(What is being asked): Filter these entries down to the lines that hold the word "Library", and show each of them.

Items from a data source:
=-=-=-=-=

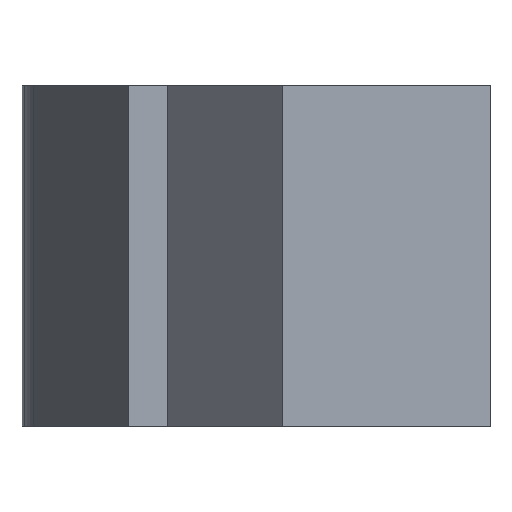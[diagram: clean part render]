
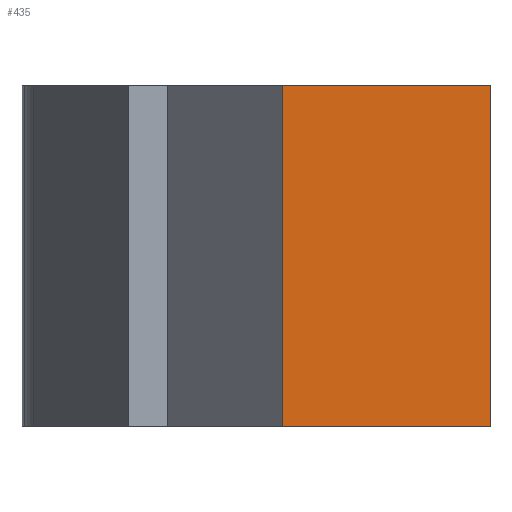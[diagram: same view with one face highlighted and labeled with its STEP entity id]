
A CAD part, left-side view. The second image highlights one B-rep face of the part: STEP entity #435.
In plain terms, the highlighted planar face has unit normal (-1, 0, 0).
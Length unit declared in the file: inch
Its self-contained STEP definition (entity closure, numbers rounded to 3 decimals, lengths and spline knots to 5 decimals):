
#12 = AXIS2_PLACEMENT_3D ( 'NONE', #409, #71, #202 ) ;
#24 = LINE ( 'NONE', #316, #297 ) ;
#37 = LINE ( 'NONE', #345, #266 ) ;
#67 = ORIENTED_EDGE ( 'NONE', *, *, #235, .T. ) ;
#71 = DIRECTION ( 'NONE',  ( -1., 0., 0. ) ) ;
#72 = VERTEX_POINT ( 'NONE', #144 ) ;
#74 = CARTESIAN_POINT ( 'NONE',  ( -3.875, 0.609, 0. ) ) ;
#85 = CARTESIAN_POINT ( 'NONE',  ( -3.875, 0., 0. ) ) ;
#92 = VECTOR ( 'NONE', #324, 39.37008 ) ;
#93 = CARTESIAN_POINT ( 'NONE',  ( -3.875, 0., 0. ) ) ;
#95 = EDGE_CURVE ( 'NONE', #72, #238, #24, .T. ) ;
#110 = DIRECTION ( 'NONE',  ( 0., 0., 1. ) ) ;
#129 = DIRECTION ( 'NONE',  ( 0., -1., 0. ) ) ;
#132 = PLANE ( 'NONE',  #12 ) ;
#134 = CARTESIAN_POINT ( 'NONE',  ( -3.875, 0., -1. ) ) ;
#144 = CARTESIAN_POINT ( 'NONE',  ( -3.875, 0.609, -1. ) ) ;
#163 = ORIENTED_EDGE ( 'NONE', *, *, #274, .F. ) ;
#175 = CARTESIAN_POINT ( 'NONE',  ( -3.875, 0., -1. ) ) ;
#198 = EDGE_CURVE ( 'NONE', #72, #403, #37, .T. ) ;
#202 = DIRECTION ( 'NONE',  ( 0., 0., 1. ) ) ;
#234 = DIRECTION ( 'NONE',  ( 0., 0., 1. ) ) ;
#235 = EDGE_CURVE ( 'NONE', #403, #400, #239, .T. ) ;
#238 = VERTEX_POINT ( 'NONE', #74 ) ;
#239 = LINE ( 'NONE', #134, #318 ) ;
#266 = VECTOR ( 'NONE', #129, 39.37008 ) ;
#269 = ORIENTED_EDGE ( 'NONE', *, *, #95, .F. ) ;
#274 = EDGE_CURVE ( 'NONE', #238, #400, #422, .T. ) ;
#297 = VECTOR ( 'NONE', #110, 39.37008 ) ;
#316 = CARTESIAN_POINT ( 'NONE',  ( -3.875, 0.609, -1. ) ) ;
#318 = VECTOR ( 'NONE', #234, 39.37008 ) ;
#324 = DIRECTION ( 'NONE',  ( 0., -1., 0. ) ) ;
#334 = FACE_OUTER_BOUND ( 'NONE', #404, .T. ) ;
#345 = CARTESIAN_POINT ( 'NONE',  ( -3.875, 0., -1. ) ) ;
#366 = ORIENTED_EDGE ( 'NONE', *, *, #198, .T. ) ;
#400 = VERTEX_POINT ( 'NONE', #93 ) ;
#403 = VERTEX_POINT ( 'NONE', #175 ) ;
#404 = EDGE_LOOP ( 'NONE', ( #163, #269, #366, #67 ) ) ;
#409 = CARTESIAN_POINT ( 'NONE',  ( -3.875, 0., -1. ) ) ;
#422 = LINE ( 'NONE', #85, #92 ) ;
#435 = ADVANCED_FACE ( 'NONE', ( #334 ), #132, .T. ) ;
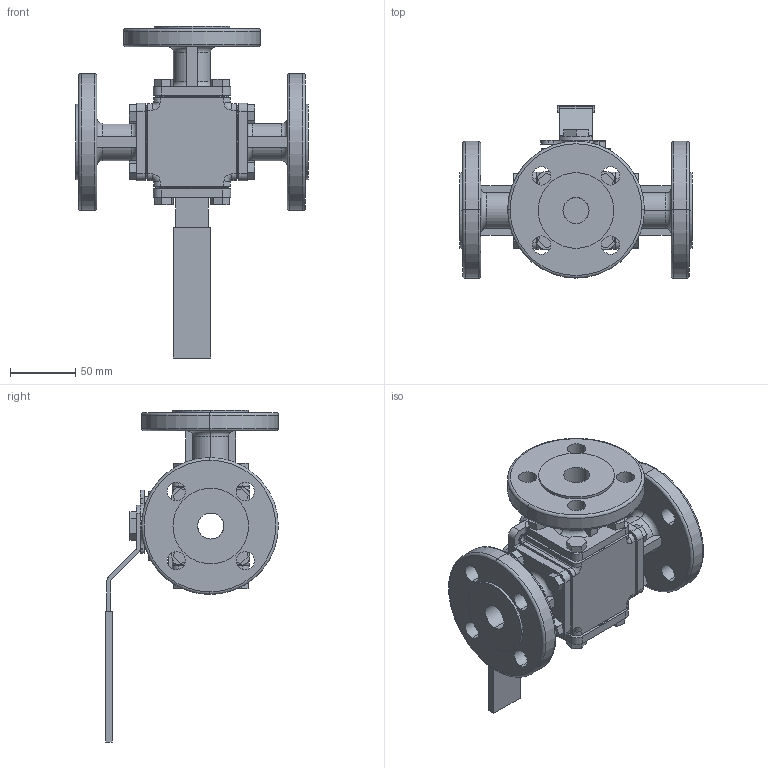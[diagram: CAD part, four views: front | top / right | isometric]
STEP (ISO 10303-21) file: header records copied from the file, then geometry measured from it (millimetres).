
FILE_DESCRIPTION (( 'STEP AP214' ), '1' );
FILE_NAME ('S316D DN20 HB.step', '2011-04-20T13:24:08', ( '' ), ( '' ), 'SwSTEP 2.0', 'SolidWorks 2011', '' );
FILE_SCHEMA (( 'AUTOMOTIVE_DESIGN' ));
Length unit declared in the file: millimetre
Products named in the file (7): S316D Flange end DN20; S316D Blindflens DN20; Hex Nut Style 1 GradeAB_DIN_Hexagon Nut ISO 4032 - M6 - D - N; Socket Head Cap Screw_DIN_DIN 912 M6 x 16 --- 16N; S316D Hendel DN20; S316D KK DN20 PN16; S316D DN20 HB
Assembly tree (8 placements, depth 2):
  S316D DN20 HB
    S316D KK DN20 PN16
    S316D Flange end DN20  x3
    S316D Blindflens DN20
    Socket Head Cap Screw_DIN_DIN 912 M6 x 16 --- 16N
    S316D Hendel DN20
    Hex Nut Style 1 GradeAB_DIN_Hexagon Nut ISO 4032 - M6 - D - N
Bounding box: 178 x 132.48 x 254.63 mm (x, y, z)
Volume: 824230.6 mm3; surface area: 186096 mm2
Topology: 8 solids, 9 shells, 613 faces, 1541 edges, 984 vertices
Faces by surface type: plane 350, cylinder 185, torus 42, cone 36
Entity records: 14052 total; most frequent: CARTESIAN_POINT 2581, DIRECTION 2391, ORIENTED_EDGE 2258, EDGE_CURVE 1129, AXIS2_PLACEMENT_3D 842, VERTEX_POINT 716, VECTOR 707, LINE 707
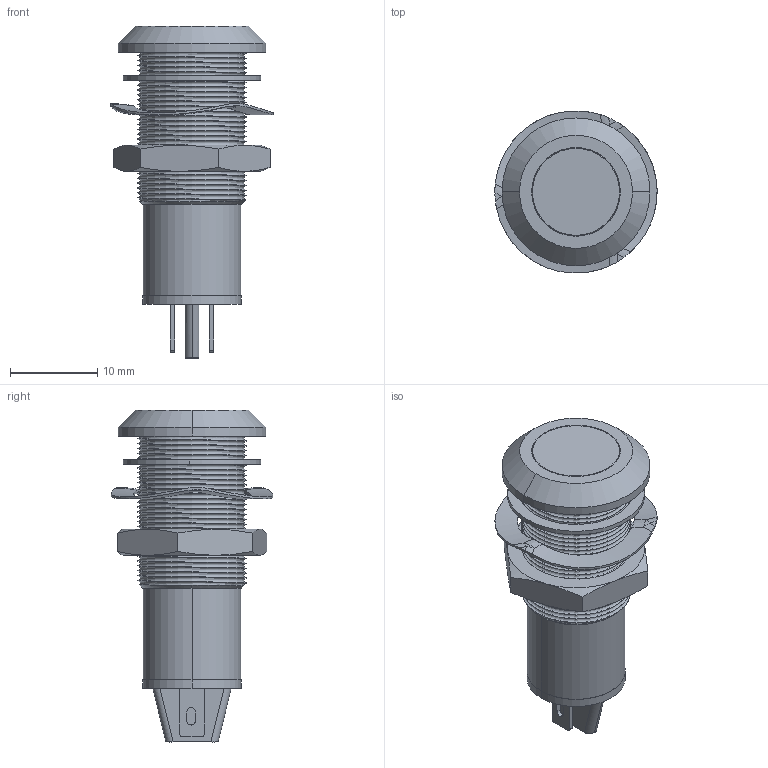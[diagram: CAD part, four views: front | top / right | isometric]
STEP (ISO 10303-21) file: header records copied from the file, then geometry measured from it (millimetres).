
FILE_DESCRIPTION (( 'STEP AP214' ), '1' );
FILE_NAME ('528series.STEP', '2014-06-04T09:51:17', ( 'davidt' ), ( '' ), 'SwSTEP 2.0', 'SolidWorks 2014', '' );
FILE_SCHEMA (( 'AUTOMOTIVE_DESIGN' ));
Length unit declared in the file: millimetre
Products named in the file (5): 528series; User Library-W0734-009; COM5000; COM3579; 528-501-22
Assembly tree (4 placements, depth 2):
  528series
    528-501-22
    COM3579
    COM5000
    User Library-W0734-009
Bounding box: 18.64 x 18.61 x 38.15 mm (x, y, z)
Volume: 4202 mm3; surface area: 3072.7 mm2
Topology: 4 solids, 4 shells, 185 faces, 496 edges, 318 vertices
Faces by surface type: cylinder 93, plane 42, cone 25, bspline 19, sphere 6
Entity records: 10068 total; most frequent: CARTESIAN_POINT 5777, ORIENTED_EDGE 980, DIRECTION 698, EDGE_CURVE 490, VERTEX_POINT 318, AXIS2_PLACEMENT_3D 271, EDGE_LOOP 200, ADVANCED_FACE 185
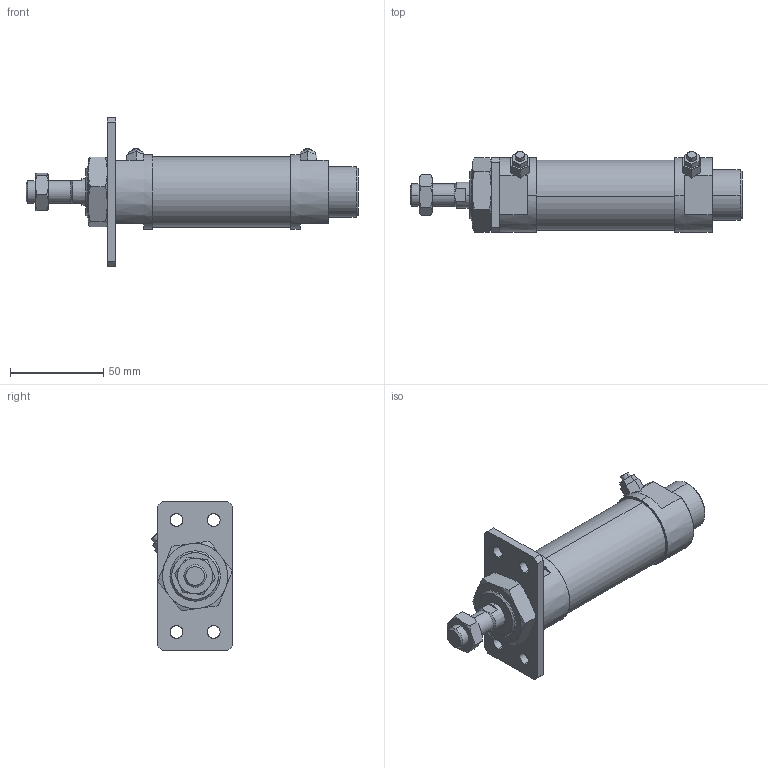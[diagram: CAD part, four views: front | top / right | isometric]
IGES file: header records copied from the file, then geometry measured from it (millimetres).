
Start section: SolidWorks IGES file using analytic representation for surfaces
Global section: file name: C:\Users\Toshiba\Desktop\JG2-32-25-A.IGS; native system: SolidWorks 2014; preprocessor: SolidWorks 2014; author: Toshiba; date: 160419.084928; units: millimetre
Bounding box: 178 x 43.34 x 80 mm (x, y, z)
Surface area: 37563.8 mm2 (no closed solid volume)
Topology: 0 solids, 0 shells, 149 faces, 2346 edges, 2342 vertices
Faces by surface type: bspline 101, revolution 48

=-=-=-=-=

(Answer space):
Products named in the file (5): 528series; User Library-W0734-009; COM5000; COM3579; 528-501-22
    User Library-W0734-009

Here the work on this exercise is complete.